*** PROVIDED RECORDS ***

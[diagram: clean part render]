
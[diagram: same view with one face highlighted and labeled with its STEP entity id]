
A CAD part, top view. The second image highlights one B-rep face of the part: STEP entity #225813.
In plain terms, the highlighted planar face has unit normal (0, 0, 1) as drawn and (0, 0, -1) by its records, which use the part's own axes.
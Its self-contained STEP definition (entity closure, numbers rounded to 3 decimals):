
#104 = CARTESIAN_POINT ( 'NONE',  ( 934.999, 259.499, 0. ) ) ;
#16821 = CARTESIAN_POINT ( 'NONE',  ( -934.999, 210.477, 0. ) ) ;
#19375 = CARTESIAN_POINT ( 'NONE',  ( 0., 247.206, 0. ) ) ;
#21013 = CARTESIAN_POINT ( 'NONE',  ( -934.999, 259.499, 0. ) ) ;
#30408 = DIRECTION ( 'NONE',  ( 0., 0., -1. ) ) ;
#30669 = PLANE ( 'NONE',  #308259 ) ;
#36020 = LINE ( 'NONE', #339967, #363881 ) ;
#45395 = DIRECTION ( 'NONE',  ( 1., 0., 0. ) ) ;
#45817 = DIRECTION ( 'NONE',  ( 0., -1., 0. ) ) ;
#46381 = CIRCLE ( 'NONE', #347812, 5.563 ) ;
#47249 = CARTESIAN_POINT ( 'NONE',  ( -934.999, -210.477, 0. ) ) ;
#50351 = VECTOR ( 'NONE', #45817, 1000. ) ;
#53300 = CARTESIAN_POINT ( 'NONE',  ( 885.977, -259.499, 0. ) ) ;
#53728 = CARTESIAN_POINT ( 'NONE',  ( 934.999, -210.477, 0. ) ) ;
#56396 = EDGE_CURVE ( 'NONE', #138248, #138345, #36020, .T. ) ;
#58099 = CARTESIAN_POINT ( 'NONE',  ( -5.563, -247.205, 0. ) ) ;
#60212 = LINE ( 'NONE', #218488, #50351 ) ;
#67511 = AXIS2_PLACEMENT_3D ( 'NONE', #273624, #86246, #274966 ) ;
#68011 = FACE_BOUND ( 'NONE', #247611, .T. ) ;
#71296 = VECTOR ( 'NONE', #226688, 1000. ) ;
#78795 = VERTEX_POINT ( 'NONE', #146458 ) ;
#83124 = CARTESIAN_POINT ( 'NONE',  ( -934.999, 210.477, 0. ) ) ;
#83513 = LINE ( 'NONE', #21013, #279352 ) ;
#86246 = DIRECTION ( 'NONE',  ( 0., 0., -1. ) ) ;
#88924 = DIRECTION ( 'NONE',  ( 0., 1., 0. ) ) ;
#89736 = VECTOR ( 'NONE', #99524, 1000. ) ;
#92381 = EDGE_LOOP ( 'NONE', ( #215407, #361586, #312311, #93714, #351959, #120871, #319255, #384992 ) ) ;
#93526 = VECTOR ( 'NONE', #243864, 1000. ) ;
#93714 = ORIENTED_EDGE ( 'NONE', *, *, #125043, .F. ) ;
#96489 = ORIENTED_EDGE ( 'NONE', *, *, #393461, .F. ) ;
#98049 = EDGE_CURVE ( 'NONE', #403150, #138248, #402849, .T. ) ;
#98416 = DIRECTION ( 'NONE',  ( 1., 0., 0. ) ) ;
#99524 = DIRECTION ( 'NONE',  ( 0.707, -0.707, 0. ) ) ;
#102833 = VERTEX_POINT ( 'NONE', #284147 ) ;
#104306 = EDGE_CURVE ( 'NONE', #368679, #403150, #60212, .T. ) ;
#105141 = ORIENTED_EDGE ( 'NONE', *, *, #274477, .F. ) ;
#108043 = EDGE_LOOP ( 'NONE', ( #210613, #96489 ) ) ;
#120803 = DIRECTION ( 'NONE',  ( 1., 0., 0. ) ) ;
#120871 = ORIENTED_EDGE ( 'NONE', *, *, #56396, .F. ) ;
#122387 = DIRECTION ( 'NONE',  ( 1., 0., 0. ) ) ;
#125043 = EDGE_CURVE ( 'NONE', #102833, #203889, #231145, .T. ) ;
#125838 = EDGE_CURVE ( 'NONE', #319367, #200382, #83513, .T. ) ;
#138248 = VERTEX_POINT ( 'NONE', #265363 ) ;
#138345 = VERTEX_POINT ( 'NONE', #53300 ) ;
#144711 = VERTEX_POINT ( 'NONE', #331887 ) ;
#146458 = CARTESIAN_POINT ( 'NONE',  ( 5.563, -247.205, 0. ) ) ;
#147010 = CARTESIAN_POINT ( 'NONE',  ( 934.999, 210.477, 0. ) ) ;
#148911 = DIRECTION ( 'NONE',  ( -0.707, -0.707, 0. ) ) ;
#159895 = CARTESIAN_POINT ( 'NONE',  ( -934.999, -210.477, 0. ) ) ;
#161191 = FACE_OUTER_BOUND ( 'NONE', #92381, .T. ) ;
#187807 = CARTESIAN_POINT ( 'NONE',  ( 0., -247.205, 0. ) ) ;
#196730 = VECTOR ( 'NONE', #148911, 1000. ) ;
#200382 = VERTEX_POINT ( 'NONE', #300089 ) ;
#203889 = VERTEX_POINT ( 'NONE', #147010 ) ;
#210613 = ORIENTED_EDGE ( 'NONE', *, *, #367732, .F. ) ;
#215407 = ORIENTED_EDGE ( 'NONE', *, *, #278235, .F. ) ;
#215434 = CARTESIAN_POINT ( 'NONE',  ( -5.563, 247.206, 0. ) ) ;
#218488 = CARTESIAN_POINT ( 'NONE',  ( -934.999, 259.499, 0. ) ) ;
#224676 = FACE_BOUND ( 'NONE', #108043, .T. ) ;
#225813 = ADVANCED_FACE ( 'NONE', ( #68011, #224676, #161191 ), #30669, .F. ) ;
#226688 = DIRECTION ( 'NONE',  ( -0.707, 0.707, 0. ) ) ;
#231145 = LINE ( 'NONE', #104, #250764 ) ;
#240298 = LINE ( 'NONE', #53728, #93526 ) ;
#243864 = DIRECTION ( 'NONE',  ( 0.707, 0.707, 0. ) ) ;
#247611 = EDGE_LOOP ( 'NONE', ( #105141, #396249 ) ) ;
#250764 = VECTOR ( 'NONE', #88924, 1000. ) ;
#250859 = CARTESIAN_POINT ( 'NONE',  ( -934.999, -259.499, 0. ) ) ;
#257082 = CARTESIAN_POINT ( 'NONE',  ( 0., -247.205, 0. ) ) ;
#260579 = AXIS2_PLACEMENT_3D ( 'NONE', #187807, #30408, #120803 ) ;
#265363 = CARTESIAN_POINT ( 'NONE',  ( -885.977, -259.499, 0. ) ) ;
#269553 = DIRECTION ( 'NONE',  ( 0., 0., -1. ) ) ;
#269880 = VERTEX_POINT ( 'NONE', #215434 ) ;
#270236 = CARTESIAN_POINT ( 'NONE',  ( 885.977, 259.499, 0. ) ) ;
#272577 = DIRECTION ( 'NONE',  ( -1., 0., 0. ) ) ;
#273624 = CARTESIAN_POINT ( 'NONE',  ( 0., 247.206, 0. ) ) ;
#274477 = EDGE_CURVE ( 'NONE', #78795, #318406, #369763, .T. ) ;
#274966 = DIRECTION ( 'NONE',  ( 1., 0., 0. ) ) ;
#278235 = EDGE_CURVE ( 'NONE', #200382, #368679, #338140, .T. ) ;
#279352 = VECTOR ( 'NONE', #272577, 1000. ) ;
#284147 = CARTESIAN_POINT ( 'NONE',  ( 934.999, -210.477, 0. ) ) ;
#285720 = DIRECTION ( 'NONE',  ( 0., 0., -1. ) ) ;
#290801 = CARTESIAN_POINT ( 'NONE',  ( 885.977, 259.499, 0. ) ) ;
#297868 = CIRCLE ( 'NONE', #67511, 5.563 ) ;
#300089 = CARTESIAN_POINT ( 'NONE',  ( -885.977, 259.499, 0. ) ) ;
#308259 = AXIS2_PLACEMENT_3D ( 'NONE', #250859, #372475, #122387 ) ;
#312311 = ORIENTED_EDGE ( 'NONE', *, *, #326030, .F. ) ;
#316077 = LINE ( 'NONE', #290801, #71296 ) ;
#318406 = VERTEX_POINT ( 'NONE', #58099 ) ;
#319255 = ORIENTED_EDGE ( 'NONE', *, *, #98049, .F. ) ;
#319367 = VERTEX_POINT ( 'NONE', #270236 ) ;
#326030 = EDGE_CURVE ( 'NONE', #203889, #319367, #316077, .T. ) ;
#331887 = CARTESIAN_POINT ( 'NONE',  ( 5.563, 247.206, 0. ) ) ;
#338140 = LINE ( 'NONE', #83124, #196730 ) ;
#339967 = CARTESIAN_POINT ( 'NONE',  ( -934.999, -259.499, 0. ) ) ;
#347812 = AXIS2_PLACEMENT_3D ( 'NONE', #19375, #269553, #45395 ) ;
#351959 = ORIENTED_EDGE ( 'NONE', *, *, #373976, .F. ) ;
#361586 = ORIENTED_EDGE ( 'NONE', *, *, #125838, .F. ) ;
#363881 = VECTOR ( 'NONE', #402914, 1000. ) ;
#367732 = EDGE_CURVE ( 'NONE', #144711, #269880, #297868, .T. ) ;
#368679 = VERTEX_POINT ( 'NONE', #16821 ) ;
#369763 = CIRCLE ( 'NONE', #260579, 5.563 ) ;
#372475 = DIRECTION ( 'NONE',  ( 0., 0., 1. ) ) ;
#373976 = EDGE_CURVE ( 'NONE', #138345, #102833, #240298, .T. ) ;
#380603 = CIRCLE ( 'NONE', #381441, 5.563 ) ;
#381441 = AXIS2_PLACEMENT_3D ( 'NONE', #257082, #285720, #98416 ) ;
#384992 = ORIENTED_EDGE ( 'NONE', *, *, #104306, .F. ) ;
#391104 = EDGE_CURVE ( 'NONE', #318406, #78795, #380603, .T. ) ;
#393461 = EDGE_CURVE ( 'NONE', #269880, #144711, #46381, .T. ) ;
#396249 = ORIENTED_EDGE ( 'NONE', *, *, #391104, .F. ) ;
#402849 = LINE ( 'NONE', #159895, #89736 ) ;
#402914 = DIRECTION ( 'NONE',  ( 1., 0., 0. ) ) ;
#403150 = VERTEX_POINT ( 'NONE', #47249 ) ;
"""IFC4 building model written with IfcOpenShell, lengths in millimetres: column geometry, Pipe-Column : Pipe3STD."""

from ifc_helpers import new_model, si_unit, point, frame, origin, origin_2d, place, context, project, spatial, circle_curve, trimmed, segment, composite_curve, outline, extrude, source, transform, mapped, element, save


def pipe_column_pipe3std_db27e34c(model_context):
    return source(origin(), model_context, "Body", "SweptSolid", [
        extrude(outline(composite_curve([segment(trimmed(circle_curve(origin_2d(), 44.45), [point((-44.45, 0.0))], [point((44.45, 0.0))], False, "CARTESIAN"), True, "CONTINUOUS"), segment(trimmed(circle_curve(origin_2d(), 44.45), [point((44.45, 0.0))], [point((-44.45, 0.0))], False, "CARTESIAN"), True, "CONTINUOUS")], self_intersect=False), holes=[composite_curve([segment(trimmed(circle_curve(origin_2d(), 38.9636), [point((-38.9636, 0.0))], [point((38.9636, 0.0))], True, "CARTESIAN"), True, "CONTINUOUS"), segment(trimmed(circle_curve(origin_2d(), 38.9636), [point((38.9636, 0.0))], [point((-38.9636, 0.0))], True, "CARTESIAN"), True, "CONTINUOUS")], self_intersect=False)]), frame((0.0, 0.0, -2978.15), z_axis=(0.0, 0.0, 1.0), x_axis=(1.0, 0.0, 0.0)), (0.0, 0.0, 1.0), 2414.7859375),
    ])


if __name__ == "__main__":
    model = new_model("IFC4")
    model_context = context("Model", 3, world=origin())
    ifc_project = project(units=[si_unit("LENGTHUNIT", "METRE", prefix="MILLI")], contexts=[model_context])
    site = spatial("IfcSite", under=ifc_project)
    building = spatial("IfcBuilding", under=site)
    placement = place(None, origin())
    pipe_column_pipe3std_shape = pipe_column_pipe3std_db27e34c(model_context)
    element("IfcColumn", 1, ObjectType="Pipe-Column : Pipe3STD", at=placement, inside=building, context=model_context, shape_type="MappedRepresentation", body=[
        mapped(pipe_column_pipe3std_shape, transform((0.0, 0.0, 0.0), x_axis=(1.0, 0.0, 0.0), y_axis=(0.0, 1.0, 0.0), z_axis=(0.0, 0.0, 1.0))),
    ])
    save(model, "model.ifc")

*** End of PROVIDED RECORDS ***

#### WHAT THE EXERCISE ASKS
Output, from the data above, the lines from the line with "#144711 = VERTEX_POINT ( 'NONE', #331887 ) ;" to the line with "#210613 = ORIENTED_EDGE" exactly as they stand, both ends included and nothing else.

#### ANSWER SPACE
#144711 = VERTEX_POINT ( 'NONE', #331887 ) ;
#146458 = CARTESIAN_POINT ( 'NONE',  ( 5.563, -247.205, 0. ) ) ;
#147010 = CARTESIAN_POINT ( 'NONE',  ( 934.999, 210.477, 0. ) ) ;
#148911 = DIRECTION ( 'NONE',  ( -0.707, -0.707, 0. ) ) ;
#159895 = CARTESIAN_POINT ( 'NONE',  ( -934.999, -210.477, 0. ) ) ;
#161191 = FACE_OUTER_BOUND ( 'NONE', #92381, .T. ) ;
#187807 = CARTESIAN_POINT ( 'NONE',  ( 0., -247.205, 0. ) ) ;
#196730 = VECTOR ( 'NONE', #148911, 1000. ) ;
#200382 = VERTEX_POINT ( 'NONE', #300089 ) ;
#203889 = VERTEX_POINT ( 'NONE', #147010 ) ;
#210613 = ORIENTED_EDGE ( 'NONE', *, *, #367732, .F. ) ;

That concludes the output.